Peter Dey is the chairman of Paradigm Capital.
In her recent essay on shareholder primacy (The Globe and Mail, Sept. 16), Sarah Kaplan asks a timely question: “Where does Canada stand?” It warrants some thought.
Prof. Kaplan, who teaches at the University of Toronto’s Rotman School of Management, accurately points out the perspective of the 1994 report on corporate governance, Where Were the Directors? That report affirmed the legal and business thinking at the time – that directors “have only one constituency and that is the corporation and its shareholders generally.”
That thinking evolved when the Supreme Court of Canada heard a 2008 case involving the proposed buyout of BCE Inc. In its landmark ruling, the court held that the directors of a corporation have a fiduciary duty to act in the best interests of the corporation, laying to rest the belief that their duty was to the shareholders and, by inference, to create shareholder value – the shareholder primacy principle.
Back in 1994, most boards believed that in order to create shareholder value, the board should consider the interests of all stakeholders. By shutting down a plant to cut costs and improve profits, the board understood that it would be damaging its relationships with the labour force and the community in which it operated. But the ultimate measure of its ability to manage all of the corporation’s constituencies would be the shareholder value it created. If a board was making money for investors, it must be managing its stakeholders effectively.
Today, directors owe a duty to the corporation – not solely to the shareholders nor any other stakeholder. In order to discharge that duty, they must consider the effects of their decisions on the corporation, and this requires an understanding of the effects of those decisions on stakeholders: customers, suppliers, the community, the environment, employees and, yes, shareholders. In summary, the corporation should act as any good citizen in a community would act.
The process of reaching a decision combines quantitative and qualitative analysis.

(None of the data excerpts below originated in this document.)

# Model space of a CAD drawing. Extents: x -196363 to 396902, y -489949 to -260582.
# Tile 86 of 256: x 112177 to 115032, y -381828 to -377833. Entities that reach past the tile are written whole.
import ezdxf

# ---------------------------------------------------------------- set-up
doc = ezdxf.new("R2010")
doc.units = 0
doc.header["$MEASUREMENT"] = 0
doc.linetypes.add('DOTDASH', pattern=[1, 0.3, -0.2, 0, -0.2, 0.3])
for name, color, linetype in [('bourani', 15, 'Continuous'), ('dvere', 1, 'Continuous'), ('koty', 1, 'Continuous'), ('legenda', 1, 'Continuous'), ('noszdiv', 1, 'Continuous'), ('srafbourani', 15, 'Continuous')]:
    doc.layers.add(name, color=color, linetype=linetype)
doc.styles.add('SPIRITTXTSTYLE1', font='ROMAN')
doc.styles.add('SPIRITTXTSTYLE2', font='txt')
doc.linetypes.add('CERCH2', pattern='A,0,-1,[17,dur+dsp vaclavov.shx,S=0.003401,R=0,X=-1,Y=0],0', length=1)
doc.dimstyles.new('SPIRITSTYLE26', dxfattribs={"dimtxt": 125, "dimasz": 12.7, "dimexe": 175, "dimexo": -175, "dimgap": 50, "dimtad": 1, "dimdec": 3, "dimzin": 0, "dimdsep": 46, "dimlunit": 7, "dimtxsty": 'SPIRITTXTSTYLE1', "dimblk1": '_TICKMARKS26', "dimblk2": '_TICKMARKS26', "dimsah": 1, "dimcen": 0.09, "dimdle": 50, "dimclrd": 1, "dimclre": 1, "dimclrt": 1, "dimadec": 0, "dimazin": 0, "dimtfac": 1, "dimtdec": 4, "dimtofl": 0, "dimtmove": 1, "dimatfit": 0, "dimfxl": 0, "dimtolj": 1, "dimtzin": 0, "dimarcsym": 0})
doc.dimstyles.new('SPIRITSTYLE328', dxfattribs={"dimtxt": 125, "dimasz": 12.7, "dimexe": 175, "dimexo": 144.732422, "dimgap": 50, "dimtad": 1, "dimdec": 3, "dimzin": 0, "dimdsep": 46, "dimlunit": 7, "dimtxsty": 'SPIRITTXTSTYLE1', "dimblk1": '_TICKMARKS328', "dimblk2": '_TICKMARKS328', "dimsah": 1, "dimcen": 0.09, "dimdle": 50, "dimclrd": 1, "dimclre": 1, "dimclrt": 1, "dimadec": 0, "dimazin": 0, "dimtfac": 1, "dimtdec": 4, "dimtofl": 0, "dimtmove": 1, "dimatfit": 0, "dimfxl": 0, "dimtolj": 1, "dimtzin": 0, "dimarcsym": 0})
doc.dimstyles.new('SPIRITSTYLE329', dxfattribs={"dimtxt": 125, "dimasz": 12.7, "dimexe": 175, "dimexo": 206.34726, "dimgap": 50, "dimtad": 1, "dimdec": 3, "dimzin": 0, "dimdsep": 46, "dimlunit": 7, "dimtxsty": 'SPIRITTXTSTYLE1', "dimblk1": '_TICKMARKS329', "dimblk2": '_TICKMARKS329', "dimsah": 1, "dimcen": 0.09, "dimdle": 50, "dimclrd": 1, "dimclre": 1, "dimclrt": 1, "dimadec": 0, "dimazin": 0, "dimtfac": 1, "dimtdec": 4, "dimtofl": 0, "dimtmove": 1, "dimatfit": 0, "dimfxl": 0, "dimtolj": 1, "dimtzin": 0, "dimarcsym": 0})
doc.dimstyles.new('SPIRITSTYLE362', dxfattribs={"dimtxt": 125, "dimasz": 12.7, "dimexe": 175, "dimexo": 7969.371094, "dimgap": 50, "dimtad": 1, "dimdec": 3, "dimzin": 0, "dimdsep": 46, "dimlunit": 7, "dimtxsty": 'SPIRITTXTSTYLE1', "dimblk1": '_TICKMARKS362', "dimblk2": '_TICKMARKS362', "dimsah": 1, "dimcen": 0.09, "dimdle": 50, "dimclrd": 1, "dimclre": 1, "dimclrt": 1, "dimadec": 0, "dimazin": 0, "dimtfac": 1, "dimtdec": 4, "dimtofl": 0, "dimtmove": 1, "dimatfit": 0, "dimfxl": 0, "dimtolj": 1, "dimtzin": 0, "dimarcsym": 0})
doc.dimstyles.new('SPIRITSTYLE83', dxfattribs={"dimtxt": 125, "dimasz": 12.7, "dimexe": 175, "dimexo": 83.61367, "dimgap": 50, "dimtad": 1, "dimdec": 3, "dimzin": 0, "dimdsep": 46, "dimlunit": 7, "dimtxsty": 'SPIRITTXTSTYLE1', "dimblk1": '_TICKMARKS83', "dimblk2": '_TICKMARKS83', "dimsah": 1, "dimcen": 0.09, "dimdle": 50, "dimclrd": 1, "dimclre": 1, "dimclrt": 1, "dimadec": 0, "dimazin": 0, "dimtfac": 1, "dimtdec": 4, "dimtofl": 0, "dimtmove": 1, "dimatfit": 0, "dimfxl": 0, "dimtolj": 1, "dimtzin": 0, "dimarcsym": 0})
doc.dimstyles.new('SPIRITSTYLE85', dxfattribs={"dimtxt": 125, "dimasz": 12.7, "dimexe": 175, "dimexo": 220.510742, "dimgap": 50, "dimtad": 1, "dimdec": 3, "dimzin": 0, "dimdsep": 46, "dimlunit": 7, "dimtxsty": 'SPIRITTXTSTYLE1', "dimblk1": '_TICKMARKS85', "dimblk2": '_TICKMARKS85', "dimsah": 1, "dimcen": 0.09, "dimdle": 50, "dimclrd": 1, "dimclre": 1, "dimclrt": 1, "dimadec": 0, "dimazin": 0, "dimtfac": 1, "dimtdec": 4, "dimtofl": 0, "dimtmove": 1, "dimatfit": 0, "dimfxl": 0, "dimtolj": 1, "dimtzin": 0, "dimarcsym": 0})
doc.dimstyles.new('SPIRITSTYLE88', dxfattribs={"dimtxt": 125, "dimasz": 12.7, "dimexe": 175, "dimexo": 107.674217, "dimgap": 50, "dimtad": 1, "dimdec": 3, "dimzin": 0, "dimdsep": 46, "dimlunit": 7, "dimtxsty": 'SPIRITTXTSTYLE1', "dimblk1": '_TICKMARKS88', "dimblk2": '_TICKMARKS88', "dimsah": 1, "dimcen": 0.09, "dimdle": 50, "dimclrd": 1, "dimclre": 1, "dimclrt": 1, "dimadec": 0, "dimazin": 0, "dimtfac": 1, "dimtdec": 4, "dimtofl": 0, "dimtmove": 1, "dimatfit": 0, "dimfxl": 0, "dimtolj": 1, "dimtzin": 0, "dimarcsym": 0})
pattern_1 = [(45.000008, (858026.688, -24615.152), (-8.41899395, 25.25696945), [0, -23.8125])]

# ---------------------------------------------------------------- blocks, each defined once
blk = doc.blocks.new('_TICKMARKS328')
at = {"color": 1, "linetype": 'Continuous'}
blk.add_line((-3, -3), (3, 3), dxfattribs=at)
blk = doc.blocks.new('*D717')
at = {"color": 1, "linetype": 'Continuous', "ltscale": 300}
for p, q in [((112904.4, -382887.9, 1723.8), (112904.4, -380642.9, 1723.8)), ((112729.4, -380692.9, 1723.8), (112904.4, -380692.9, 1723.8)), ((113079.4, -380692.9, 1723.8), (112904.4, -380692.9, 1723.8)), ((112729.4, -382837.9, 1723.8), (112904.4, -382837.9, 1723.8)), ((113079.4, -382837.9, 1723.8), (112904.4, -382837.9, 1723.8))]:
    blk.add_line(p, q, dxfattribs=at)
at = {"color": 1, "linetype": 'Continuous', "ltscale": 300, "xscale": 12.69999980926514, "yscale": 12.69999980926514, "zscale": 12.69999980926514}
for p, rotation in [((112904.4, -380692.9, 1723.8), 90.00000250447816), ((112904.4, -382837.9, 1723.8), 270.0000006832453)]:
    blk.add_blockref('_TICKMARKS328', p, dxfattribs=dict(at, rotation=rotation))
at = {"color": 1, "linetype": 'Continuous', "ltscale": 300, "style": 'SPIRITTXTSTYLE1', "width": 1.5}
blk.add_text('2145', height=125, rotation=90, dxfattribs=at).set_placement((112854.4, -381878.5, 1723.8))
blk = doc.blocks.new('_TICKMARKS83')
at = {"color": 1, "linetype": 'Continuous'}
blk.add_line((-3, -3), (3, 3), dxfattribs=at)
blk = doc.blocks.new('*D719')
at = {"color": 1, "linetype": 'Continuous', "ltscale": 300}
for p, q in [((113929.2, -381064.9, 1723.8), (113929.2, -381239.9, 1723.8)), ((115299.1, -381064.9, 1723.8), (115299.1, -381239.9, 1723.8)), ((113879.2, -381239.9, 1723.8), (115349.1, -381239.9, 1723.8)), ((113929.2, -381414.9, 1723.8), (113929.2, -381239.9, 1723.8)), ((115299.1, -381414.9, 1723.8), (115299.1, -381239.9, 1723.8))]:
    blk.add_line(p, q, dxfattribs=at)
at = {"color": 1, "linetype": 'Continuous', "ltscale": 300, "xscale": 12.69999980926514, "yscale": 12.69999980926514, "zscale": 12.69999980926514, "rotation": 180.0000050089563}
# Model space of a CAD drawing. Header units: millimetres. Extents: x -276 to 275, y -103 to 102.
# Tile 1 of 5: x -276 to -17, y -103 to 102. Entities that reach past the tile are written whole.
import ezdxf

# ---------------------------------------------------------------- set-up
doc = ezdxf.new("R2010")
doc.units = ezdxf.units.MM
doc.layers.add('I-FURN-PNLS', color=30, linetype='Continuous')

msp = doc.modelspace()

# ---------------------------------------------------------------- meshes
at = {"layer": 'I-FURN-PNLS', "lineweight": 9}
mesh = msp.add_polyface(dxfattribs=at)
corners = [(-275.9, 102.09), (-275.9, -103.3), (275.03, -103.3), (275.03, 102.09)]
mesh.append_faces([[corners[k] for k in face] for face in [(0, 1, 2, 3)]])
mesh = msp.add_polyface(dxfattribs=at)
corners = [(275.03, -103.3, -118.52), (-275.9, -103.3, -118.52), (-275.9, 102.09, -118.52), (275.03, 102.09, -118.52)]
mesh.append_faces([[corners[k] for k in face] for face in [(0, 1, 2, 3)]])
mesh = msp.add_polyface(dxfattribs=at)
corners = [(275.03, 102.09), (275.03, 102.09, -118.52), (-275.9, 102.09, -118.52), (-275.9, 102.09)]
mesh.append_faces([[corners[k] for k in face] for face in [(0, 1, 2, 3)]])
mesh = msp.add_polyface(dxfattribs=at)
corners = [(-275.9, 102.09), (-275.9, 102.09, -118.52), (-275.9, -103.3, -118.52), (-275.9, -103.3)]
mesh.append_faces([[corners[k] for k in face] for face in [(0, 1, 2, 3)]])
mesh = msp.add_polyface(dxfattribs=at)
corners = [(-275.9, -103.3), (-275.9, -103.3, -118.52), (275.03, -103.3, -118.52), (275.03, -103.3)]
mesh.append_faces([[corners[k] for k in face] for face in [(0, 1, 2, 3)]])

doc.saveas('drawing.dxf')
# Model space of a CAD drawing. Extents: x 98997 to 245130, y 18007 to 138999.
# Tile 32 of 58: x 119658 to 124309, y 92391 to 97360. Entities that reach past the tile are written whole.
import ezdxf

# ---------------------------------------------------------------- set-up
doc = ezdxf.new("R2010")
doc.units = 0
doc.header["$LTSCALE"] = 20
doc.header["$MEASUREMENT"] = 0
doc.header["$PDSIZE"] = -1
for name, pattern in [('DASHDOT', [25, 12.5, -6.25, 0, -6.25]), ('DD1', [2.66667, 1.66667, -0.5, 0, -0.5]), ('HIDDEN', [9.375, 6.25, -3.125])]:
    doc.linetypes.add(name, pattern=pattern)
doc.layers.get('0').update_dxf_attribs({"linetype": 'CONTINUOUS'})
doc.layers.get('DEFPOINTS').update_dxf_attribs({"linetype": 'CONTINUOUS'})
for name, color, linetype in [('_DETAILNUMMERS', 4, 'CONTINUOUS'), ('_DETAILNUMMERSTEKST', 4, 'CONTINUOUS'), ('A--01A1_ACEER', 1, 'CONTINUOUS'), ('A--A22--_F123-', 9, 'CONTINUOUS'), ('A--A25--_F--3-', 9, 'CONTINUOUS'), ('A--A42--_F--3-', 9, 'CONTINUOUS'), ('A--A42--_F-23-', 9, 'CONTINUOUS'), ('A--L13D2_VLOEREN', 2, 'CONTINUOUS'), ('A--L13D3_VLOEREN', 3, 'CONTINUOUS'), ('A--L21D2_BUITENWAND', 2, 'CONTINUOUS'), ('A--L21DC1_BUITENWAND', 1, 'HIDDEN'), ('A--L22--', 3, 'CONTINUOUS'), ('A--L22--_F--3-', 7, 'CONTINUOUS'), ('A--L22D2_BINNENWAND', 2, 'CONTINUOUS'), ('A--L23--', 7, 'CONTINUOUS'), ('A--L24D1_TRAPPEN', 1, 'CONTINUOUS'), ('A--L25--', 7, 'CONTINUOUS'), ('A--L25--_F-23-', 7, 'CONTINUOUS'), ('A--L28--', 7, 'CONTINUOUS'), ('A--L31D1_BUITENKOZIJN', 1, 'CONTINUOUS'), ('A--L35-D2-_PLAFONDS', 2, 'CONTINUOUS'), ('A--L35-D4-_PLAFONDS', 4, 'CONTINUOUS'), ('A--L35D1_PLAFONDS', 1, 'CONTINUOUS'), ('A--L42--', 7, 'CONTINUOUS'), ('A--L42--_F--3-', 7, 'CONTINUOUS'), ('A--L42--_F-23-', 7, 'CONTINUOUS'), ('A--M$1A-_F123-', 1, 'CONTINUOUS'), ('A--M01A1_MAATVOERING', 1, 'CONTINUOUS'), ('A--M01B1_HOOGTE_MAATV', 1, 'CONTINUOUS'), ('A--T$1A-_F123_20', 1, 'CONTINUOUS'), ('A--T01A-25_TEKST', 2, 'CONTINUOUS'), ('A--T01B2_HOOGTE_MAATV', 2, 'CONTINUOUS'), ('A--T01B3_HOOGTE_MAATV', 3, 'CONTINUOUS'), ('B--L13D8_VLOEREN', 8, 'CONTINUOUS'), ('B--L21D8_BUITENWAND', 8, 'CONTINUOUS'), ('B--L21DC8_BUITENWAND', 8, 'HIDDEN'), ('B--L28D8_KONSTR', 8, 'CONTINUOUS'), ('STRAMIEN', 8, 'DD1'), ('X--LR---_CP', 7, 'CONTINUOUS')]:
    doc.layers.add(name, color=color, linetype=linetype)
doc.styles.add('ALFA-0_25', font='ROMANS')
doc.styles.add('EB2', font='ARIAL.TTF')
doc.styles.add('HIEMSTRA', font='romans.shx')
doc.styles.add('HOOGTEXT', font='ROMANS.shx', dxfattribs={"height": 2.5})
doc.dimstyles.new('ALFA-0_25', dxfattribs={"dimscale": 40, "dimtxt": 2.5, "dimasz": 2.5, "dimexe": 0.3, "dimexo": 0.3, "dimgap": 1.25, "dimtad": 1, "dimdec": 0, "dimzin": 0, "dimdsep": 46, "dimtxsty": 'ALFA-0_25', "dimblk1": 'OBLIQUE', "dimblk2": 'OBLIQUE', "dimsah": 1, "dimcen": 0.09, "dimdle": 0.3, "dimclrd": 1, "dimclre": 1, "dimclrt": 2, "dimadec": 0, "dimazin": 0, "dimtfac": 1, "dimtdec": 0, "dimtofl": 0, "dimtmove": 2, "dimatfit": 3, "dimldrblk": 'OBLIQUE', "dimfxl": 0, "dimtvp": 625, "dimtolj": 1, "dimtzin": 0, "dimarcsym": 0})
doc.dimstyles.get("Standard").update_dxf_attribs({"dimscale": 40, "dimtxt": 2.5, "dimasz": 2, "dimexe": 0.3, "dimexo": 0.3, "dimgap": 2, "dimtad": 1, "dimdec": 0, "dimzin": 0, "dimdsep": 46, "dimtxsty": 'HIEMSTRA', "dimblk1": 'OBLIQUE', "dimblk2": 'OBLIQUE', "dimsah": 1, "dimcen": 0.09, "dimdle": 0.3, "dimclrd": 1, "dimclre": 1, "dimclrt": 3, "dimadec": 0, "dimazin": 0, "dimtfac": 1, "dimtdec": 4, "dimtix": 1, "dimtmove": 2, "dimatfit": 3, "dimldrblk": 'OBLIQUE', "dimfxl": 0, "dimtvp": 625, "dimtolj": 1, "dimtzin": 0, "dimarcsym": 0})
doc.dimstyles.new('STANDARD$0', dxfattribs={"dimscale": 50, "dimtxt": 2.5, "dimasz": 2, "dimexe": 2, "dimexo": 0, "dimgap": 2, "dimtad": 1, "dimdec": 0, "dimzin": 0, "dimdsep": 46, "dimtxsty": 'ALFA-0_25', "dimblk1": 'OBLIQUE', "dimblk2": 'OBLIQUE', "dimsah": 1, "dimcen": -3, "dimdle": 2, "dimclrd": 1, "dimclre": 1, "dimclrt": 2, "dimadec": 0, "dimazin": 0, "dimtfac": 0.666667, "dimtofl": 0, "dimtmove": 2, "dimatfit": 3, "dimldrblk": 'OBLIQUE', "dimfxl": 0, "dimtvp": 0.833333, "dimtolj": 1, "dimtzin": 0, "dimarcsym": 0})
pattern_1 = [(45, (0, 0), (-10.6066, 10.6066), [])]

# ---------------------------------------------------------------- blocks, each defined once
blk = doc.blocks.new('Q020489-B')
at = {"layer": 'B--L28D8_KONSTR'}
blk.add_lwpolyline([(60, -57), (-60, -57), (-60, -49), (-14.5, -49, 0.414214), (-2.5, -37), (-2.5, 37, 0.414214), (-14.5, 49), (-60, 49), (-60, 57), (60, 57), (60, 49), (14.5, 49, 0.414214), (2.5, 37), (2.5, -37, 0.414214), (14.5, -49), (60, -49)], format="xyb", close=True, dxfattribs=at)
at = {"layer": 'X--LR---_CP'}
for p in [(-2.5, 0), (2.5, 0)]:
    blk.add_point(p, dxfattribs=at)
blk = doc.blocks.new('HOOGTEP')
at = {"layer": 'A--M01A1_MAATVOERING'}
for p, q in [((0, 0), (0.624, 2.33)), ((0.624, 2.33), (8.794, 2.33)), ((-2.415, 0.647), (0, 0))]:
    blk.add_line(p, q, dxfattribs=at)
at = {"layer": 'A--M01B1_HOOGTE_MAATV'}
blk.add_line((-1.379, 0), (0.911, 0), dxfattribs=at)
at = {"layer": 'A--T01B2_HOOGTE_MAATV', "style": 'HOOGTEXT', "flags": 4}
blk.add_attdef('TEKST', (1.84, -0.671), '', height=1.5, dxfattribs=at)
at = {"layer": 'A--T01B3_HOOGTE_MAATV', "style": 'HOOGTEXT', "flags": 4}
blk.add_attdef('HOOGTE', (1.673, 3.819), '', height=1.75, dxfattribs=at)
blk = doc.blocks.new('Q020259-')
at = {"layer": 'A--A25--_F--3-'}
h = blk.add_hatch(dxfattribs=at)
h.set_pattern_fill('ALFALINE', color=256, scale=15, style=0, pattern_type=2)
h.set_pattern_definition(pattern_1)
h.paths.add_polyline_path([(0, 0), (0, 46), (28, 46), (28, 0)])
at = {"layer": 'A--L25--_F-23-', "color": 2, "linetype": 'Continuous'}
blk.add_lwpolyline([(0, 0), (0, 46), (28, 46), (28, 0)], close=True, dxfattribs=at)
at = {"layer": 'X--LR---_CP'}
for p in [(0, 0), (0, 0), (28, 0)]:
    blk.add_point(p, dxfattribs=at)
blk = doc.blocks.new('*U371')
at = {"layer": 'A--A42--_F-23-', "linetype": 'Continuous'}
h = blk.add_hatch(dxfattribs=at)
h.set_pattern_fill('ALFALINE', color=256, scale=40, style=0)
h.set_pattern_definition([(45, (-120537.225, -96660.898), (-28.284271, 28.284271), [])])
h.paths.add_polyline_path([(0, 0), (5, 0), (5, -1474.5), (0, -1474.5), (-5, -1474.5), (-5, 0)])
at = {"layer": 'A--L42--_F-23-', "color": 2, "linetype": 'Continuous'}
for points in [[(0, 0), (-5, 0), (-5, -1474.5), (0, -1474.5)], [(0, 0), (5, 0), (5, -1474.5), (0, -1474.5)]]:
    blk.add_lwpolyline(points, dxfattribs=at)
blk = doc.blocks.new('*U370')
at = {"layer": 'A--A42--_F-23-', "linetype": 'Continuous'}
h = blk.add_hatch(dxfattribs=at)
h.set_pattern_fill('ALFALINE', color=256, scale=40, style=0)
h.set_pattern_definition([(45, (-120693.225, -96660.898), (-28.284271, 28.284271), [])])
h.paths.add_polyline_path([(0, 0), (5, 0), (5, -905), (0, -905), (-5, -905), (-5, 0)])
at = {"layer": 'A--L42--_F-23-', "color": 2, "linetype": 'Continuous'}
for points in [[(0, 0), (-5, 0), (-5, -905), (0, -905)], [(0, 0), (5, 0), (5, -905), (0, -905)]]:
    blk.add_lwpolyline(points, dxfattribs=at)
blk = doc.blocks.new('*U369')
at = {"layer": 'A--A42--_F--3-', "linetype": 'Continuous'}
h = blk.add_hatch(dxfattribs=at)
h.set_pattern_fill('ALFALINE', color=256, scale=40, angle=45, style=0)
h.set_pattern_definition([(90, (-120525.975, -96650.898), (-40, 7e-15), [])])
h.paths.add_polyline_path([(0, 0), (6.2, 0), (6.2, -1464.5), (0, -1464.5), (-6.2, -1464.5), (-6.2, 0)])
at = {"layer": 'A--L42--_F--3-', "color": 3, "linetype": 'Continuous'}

It requires the board to balance the competing interests of stakeholders and look at the impact of its decision over the long term. The principal quantitative measure is the impact on shareholder value, but this must be balanced with an assessment of the impact on other stakeholders.
The impact on other stakeholders may not be easily determined mathematically. Determining the impact on stakeholders other than shareholders requires all members of the board to draw on their experience. This is where board diversity plays an important role.
An evolving issue in the context of stakeholder primacy is accountability. How does a stakeholder know that their interests have been fairly and equitably considered by the board? This is not an easy challenge to meet because the board’s analysis will be an exercise in balancing the interests of all stakeholders. And the well-advised board will have used a process that reflects diligence and good faith and allows the board to rely on the business judgment rule, which says that if the board’s process is sound, the court will not interfere with the board’s business judgment.
Canada has gone further than most jurisdictions in providing stakeholders with a remedy to hold the board to account: the oppression remedy. A “complainant” has an action if they feel they have been treated unfairly or prejudicially. The law and the governance practice continue to evolve with changing circumstances and changing markets.
The Business Roundtable’s recent statement that increasing shareholder wealth is no longer the sole purpose of corporations should stimulate reflection in the Canadian business community. Given the re-ordering of the importance of a corporation’s stakeholders in judging what is in the best interests of the corporation, courts, when given the opportunity, will more carefully scrutinize the applicability of the business judgment rule.
In addition, when our courts are reviewing the manner in which a board of directors reached a particular decision, they will look beyond the creation of shareholder value. Did the board look at the impact of its decision on the corporation’s business over the long term? Did the board identify the stakeholders of the corporation and did it understand the contribution of each stakeholder to the business of the corporation? What factors did the board consider in balancing the interests of the various stakeholders? What information did the board have in front of it to reach its decision?
Many Canadian boards are already responding to these tests of their processes. It is time for all Canadian boards to raise their game in advance of this heightened scrutiny – for the benefit of the corporation and the general community.